Efficient arithmetic computation decomposition using embedded blocks

Arithmetic computation decomposition is a strategy that can be used to solve large and complicated computing problems. To obtain an efficient solution, the operands of the computations are decomposed and processed. Then, partial results are reassembled by exploiting a set of smaller and simpler computing blocks. These computing blocks are assumed to be highly optimized, and already built in Field Programmable Gate Arrays (FPGAs). This feature makes it possible to implement large size arithmetic operations in FPGAs with performances closer to those of the traditional Application Specific Integrated Circuits (ASICs).;Key words: large size arithmetic computation, high performance multipliers, decomposition, embedded multipliers, addition tree optimization, sign extension, multigranular, FPGA mapping. -;To improve the efficiency in terms of performance and resource usage for FPGA-based designs, this work develops efficient design methodologies and systematic approaches for the implementation of computing functions with large size operands based on decomposition strategies, using small-size embedded blocks in FPGAs.

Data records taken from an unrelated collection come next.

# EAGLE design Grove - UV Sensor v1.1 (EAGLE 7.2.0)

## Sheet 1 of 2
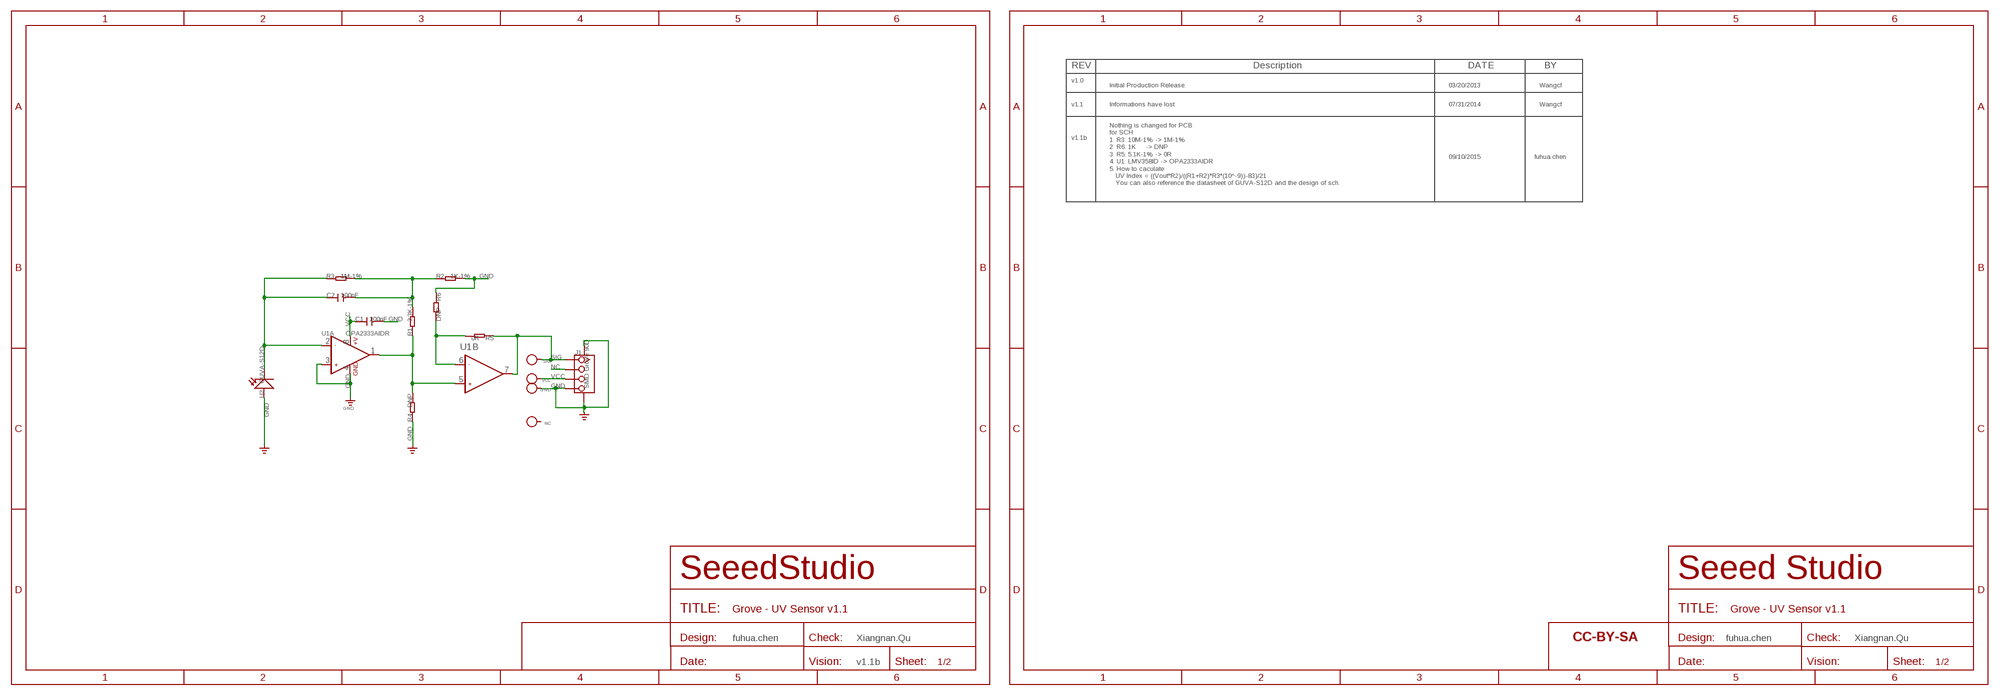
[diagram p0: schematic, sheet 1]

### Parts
C1  100nF  C-0603  [C0603]
C2  100nF  C-0603  [C0603]
GND  PAD-TEST-POINT'4545'  [TP_4545]
J1  SMD Grove 90D  TWIG-4P-2.0-SMD-FEMALE-REINFORCE'DD'  [4P-SMD-2.0]
NC  PAD-TEST-POINT'4545'  [TP_4545]
R1  3.3K-1%  R-0603  [R0603]
R2  1K-1%  R-0603  [R0603]
R3  1M-1%  R-0603  [R0603]
R4  DNP  R-0603  [R0603]
R5  0R  R-0603  [R0603]
R6  DNP  R-0603  [R0603]
SIG  PAD-TEST-POINT'4545'  [TP_4545]
U1  OPA2333AIDR  LMV358D  [SO08]
U2  GUVA-S12D  PHOTODIODE  [LED-3528]
U$30  SEEEDSTUDIO-OPEN-SCH-FRAME  [SEEEDSTUDIO-PCB-FRAME]
VCC  PAD-TEST-POINT'4545'  [TP_4545]

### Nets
GND: C1.2 GND.T J1.4 J1.SS1 J1.SS2 R2.2 R4.1 R6.1 U1.3(A:+IN1) U1.4(A:GND) U2.1(+)
N$1: C2.1 R3.1 U1.2(A:-IN1) U2.2(-)
N$2: R5.2 R6.2 U1.6(B:-IN2)
N$3: C2.2 R1.2 R2.1 R3.2
N$4: J1.1 R5.1 SIG.T U1.7(B:OUT2)
NC: J1.2
SIG: R1.1 R4.2 U1.1(A:OUT1) U1.5(B:+IN2)
VCC: C1.1 J1.3 U1.8(A:+V) VCC.T
Unconnected: NC.T

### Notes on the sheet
- REV | Description | DATE | BY
- v1.0
- Initial Production Release. | 03/20/2013 | Wangcf
- v1.1 | Informations have lost | 07/31/2014 | Wangcf
- v1.1b
- 09/10/2015 | fuhua.chen
- Nothing is changed for PCB
  for SCH:
  1. R3: 10M-1% -> 1M-1%
  2. R6: 1K     -> DNP
  3. R5: 5.1K-1% -> 0R
  4. U1: LMV358ID -> OPA2333AIDR
  5. How to caculate:
     UV Index = ((Vout*R2)/((R1+R2)*R3*(10^-9))-83)/21
     You can also reference the datasheet of GUVA-S12D and the design of sch.
- fuhua.chen | Xiangnan.Qu | fuhua.chen | Xiangnan.Qu
- v1.1b

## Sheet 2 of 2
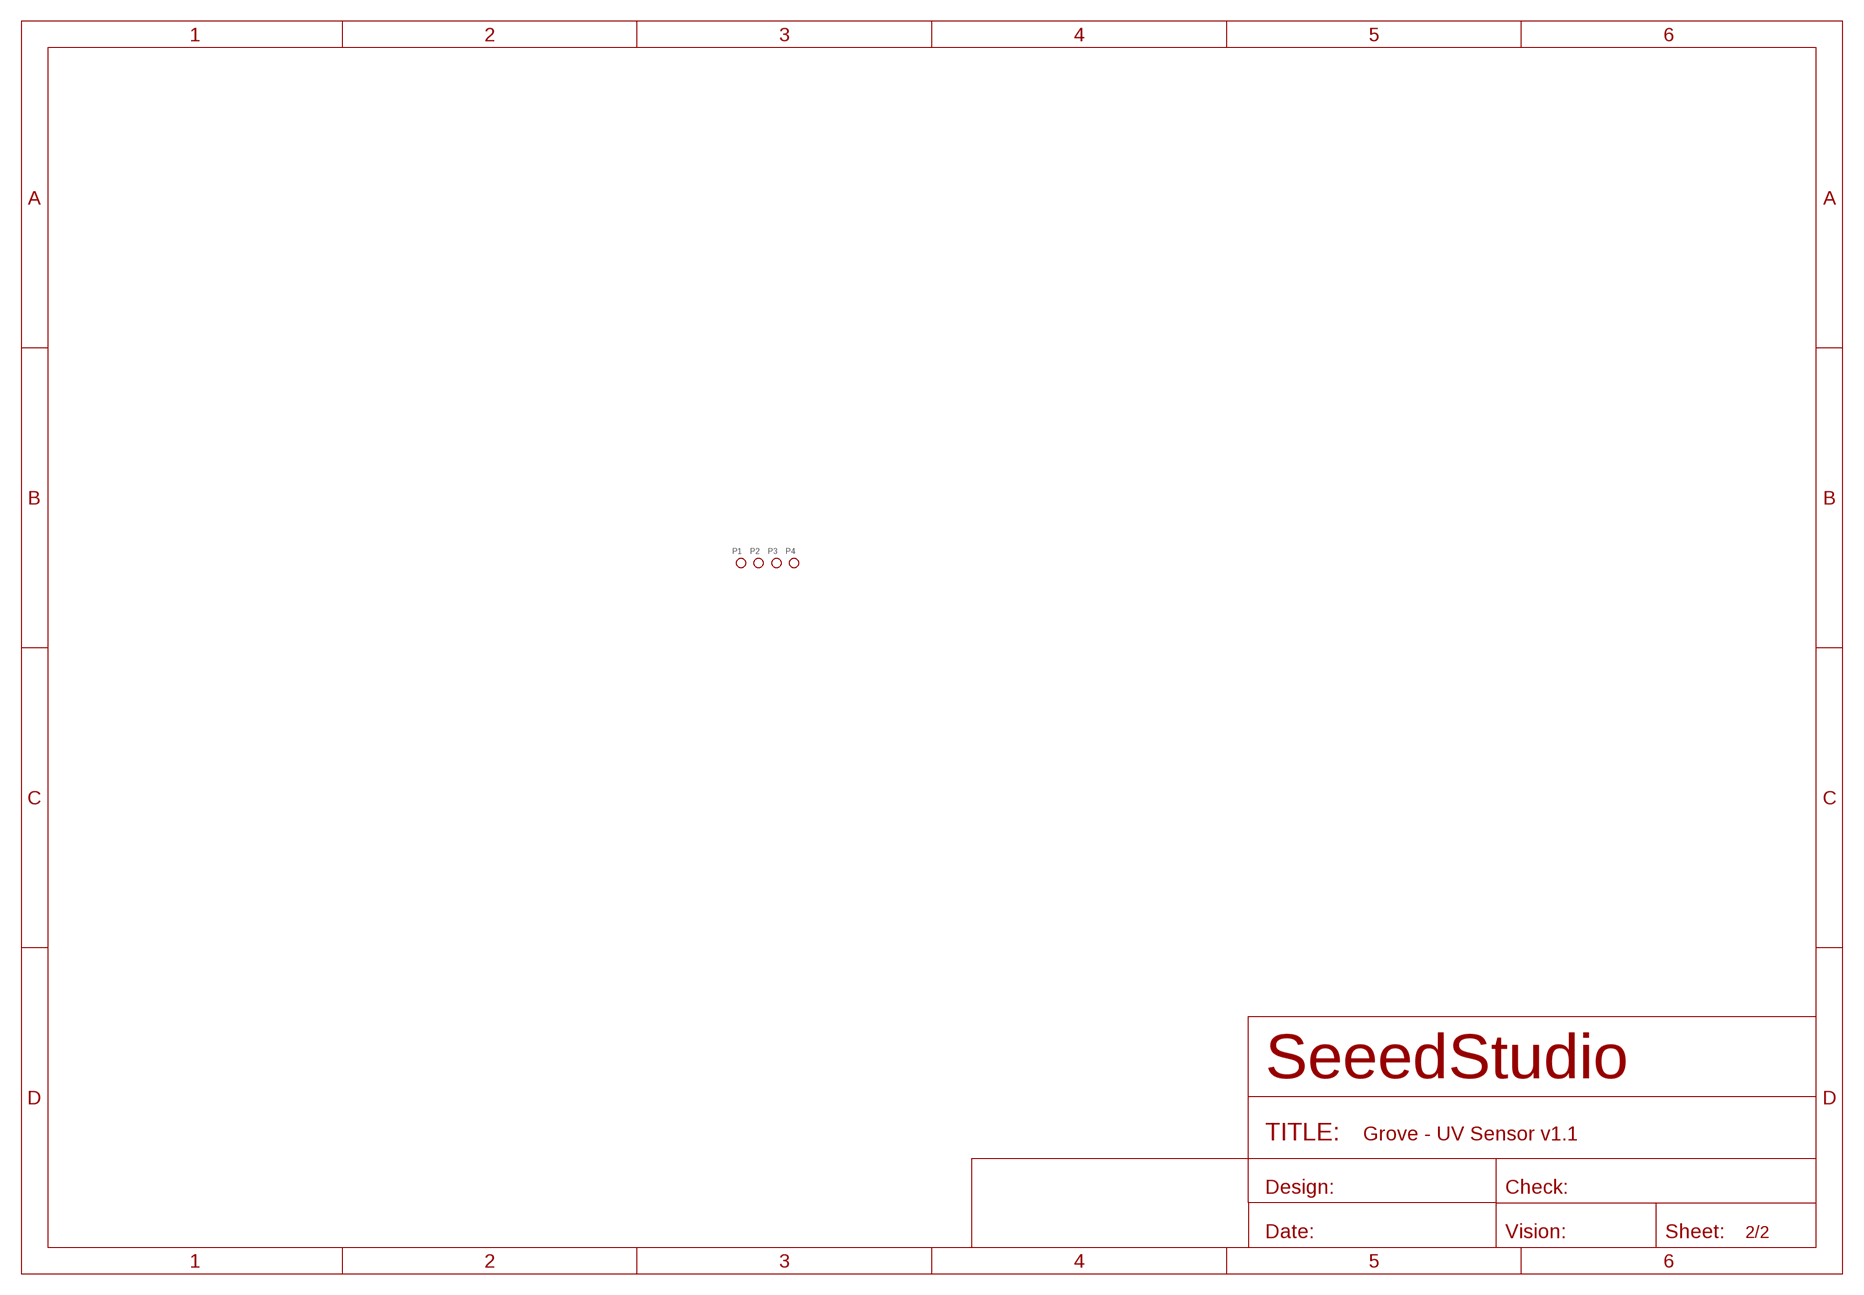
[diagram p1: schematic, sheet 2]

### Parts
P1  PAD-MARK  [ROUND-MARK-1.0]
P2  PAD-MARK  [ROUND-MARK-1.0]
P3  PAD-MARK  [ROUND-MARK-1.0]
P4  PAD-MARK  [ROUND-MARK-1.0]

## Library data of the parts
C1 C2 = Discrete:C*: Ceramic Capacitors
GND NC SIG VCC = Discrete:PAD-TEST-POINT; PARTNO: DNP
J1 = Connector:TWIG-4P-2.0-SMD-FEMALE-REINFORCE
P1-P4 = Discrete:PAD-MARK; PARTNO: DNP
R1-R6 = Discrete:R*
U1 = IC:LMV358: General purpose LOW Voltage, Rail-to-Rail Output Amplifiers http://www.fairchildsemi.com/ds/LM/LMV358.pdf
U2 = Test:PHOTODIODE
U$30 = moudle-new:SEEEDSTUDIO-OPEN-SCH-FRAME

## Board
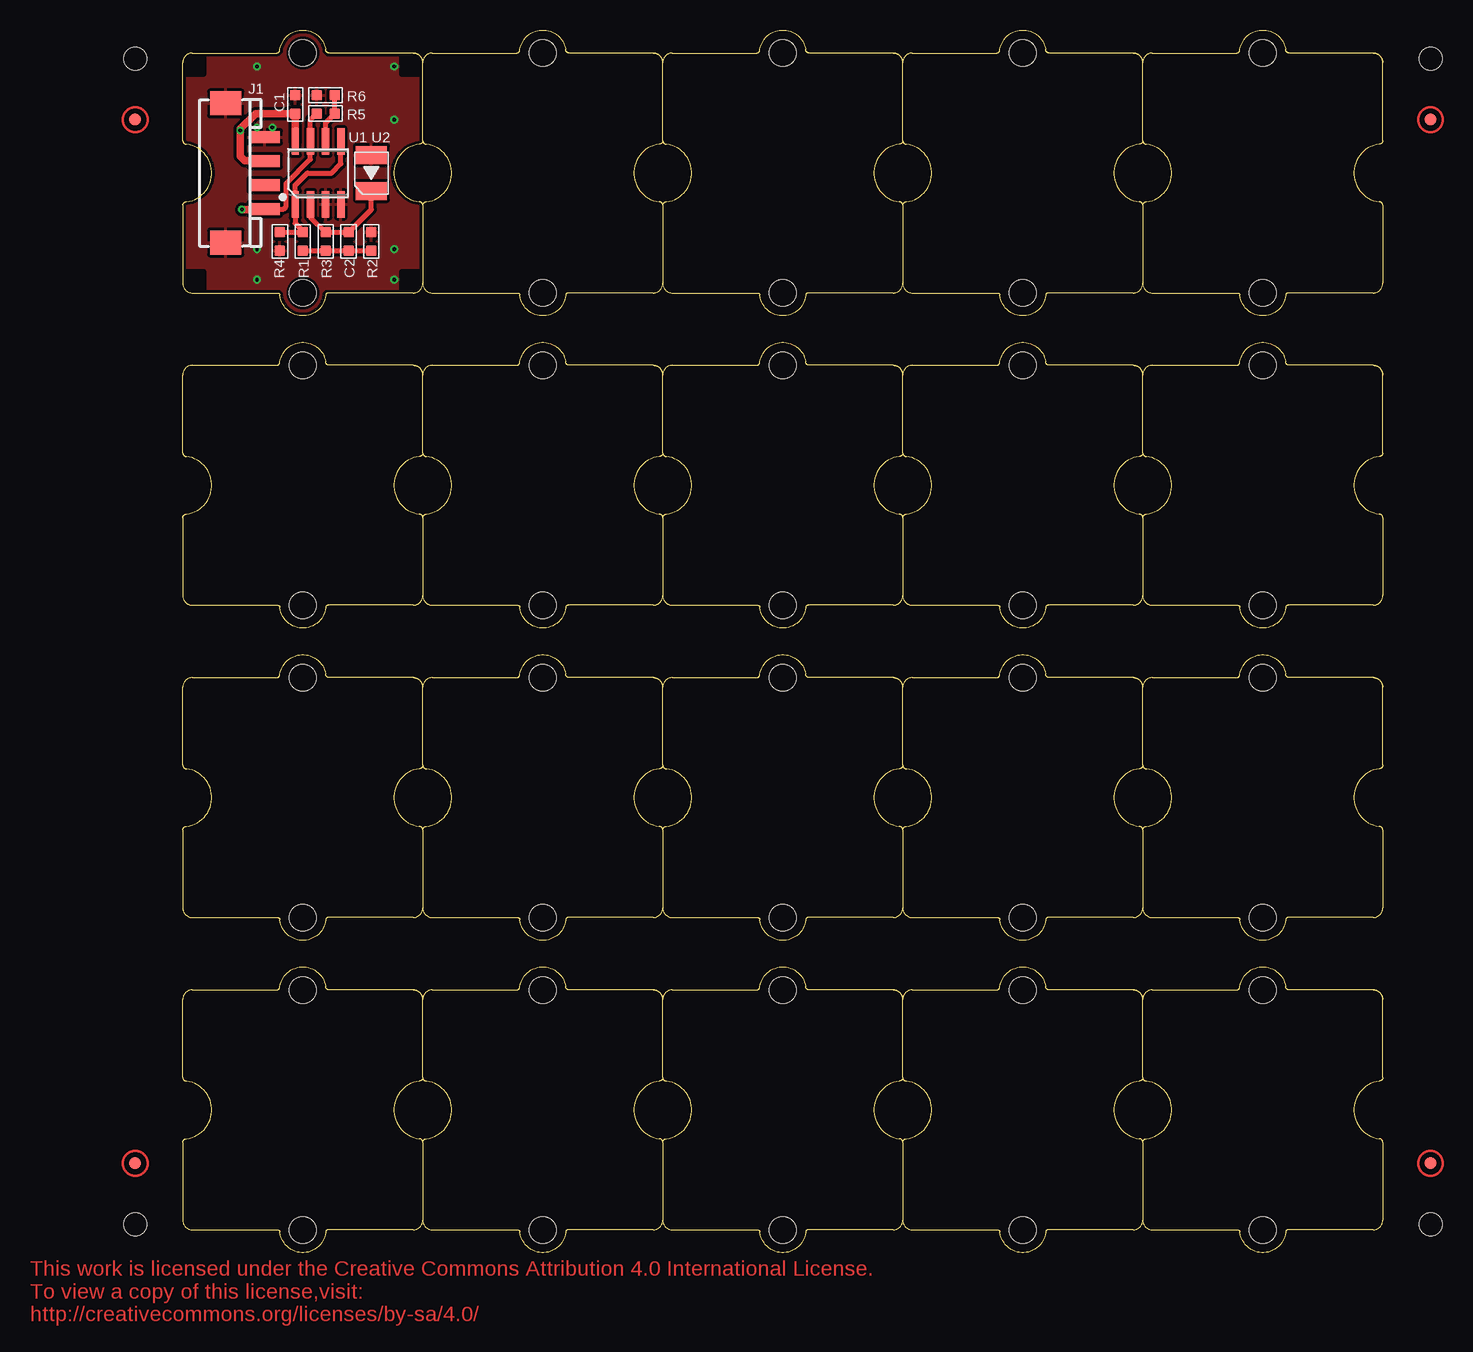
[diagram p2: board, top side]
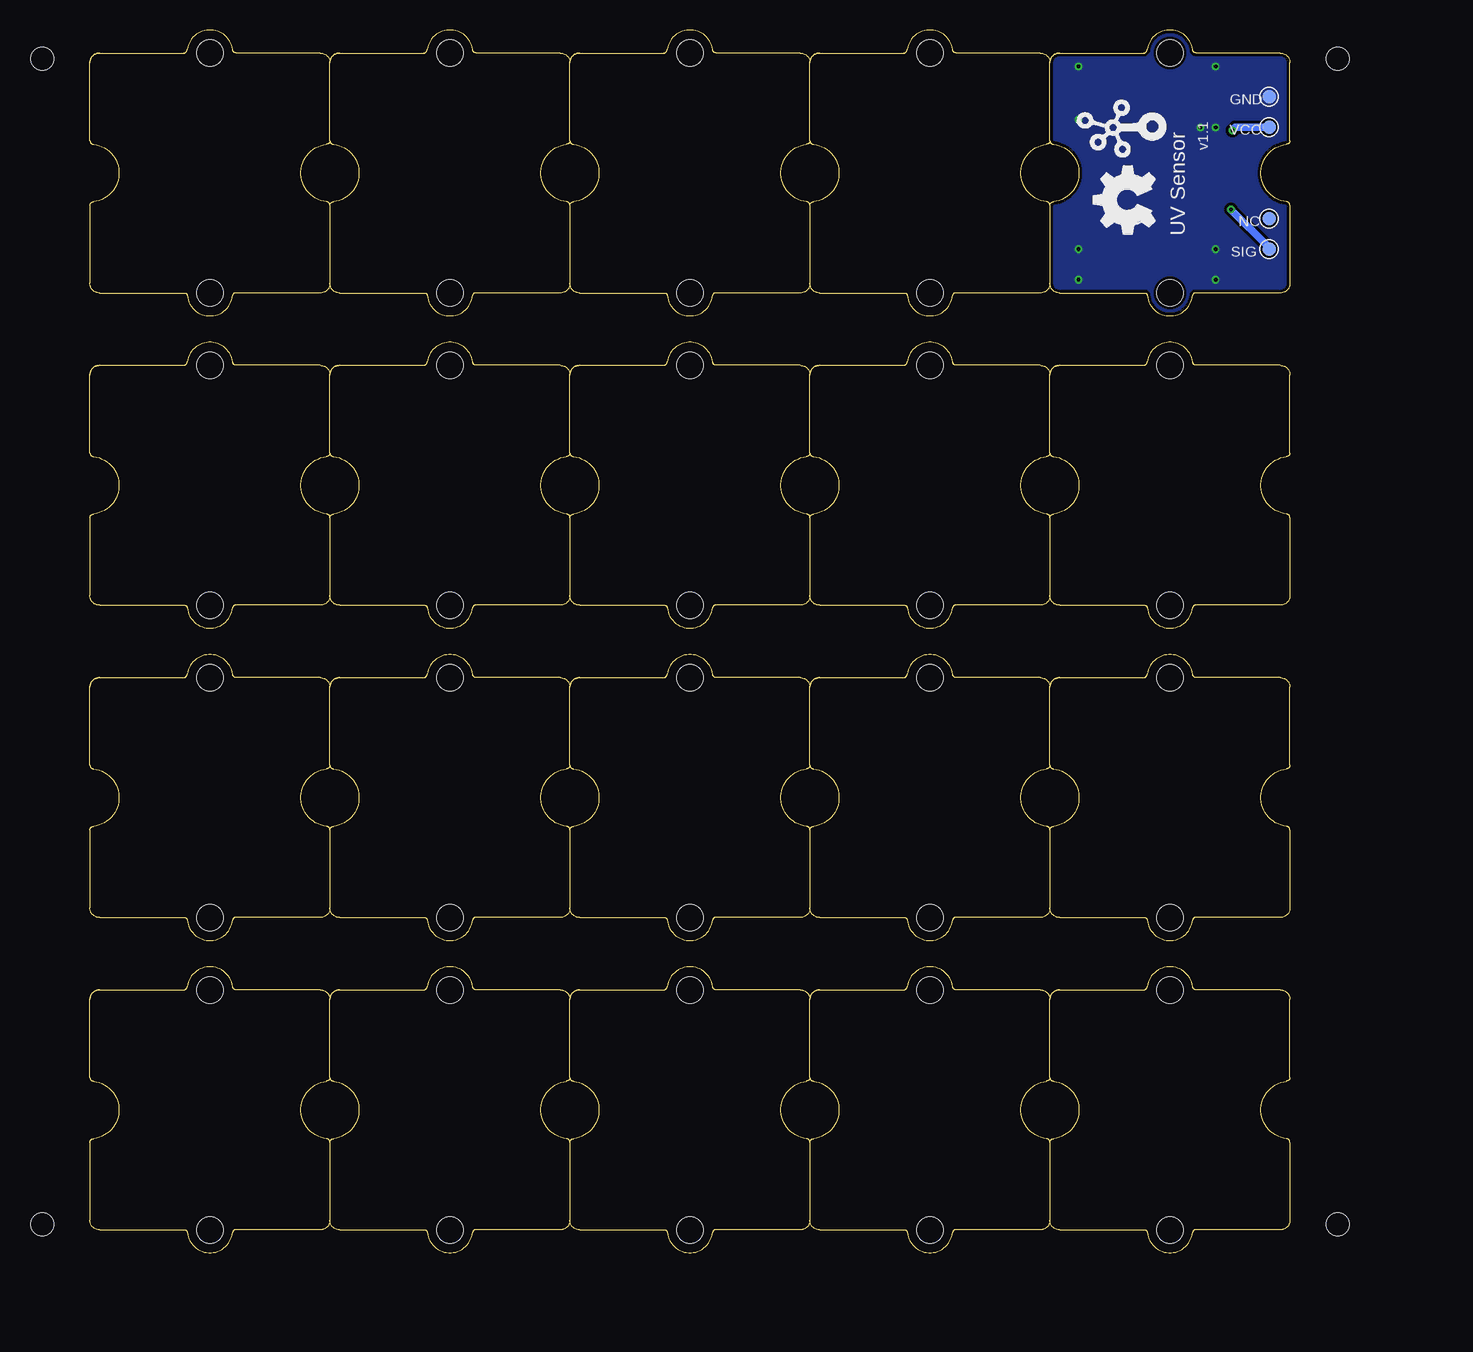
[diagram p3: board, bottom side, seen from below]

Size 100 x 101.93 mm. Coordinates in mm from the lower left corner, seen from the top.
Copper layers (1*16): Top 0.035mm / dielectric 1.5mm / Bottom 0.035mm
Design rules "SeeedStudio_rule_no_angle_090911 *": minimum track width 6mil, minimum drill 12mil, track to track 6mil, track to pad 6mil, pad to pad 6mil, via to via 6mil, smd to smd 0mil, copper to edge 10mil, drill to drill 10mil, minimum pad ring 10mil, minimum via ring 6mil, stop-mask expansion 2mil, vias tented up to drill 25mil, thermal gap 10mil
Holes 1.91 mm at -3.97,2.38 -3.97,99.54 103.98,99.54 103.98,2.38

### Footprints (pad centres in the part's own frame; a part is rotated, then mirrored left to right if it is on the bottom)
C0603 = smd 0.889 x 0.889: 1 -0.762,0; 2 0.762,0
TP_4545 = smd 1.143 x 1.143: T 0,0
4P-SMD-2.0 = smd 1 x 2.54: 1 -3,0; 2 -1,0; 3 1,0; 4 3,0 | smd 2 x 2.6: SS1 -5.8,3.25; SS2 5.8,3.25
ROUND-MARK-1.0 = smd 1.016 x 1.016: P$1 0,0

The design philosophy is demonstrated through the realization of large size multipliers and their derivatives. Innovative architectures of these multipliers and sets of optimized design rules are derived to aid in the realizations. Fixed size and multigranular embedded blocks are considered in these designs. The additions of partial products are performed in multi-levels using high performance two operand adders. Higher order compressors are also employed with optimized mapping techniques based on the architectures of the segmented multipliers. These approaches have been implemented and tested targeting primarily Xilinx' and Altera's FPGAs with the aid of the Xilinx' ISE and Altera's Quartus II tools. Significant improvements over that of the traditional techniques have been achieved in increasing the performance and reducing the area usage. The proposed approaches for the designs of large size unsigned and signed multipliers are further applied to implement other related more complex arithmetic operations. The implementation results have demonstrated that the approaches presented in this thesis ensure the efficiency in solving the problems of large size computing operations.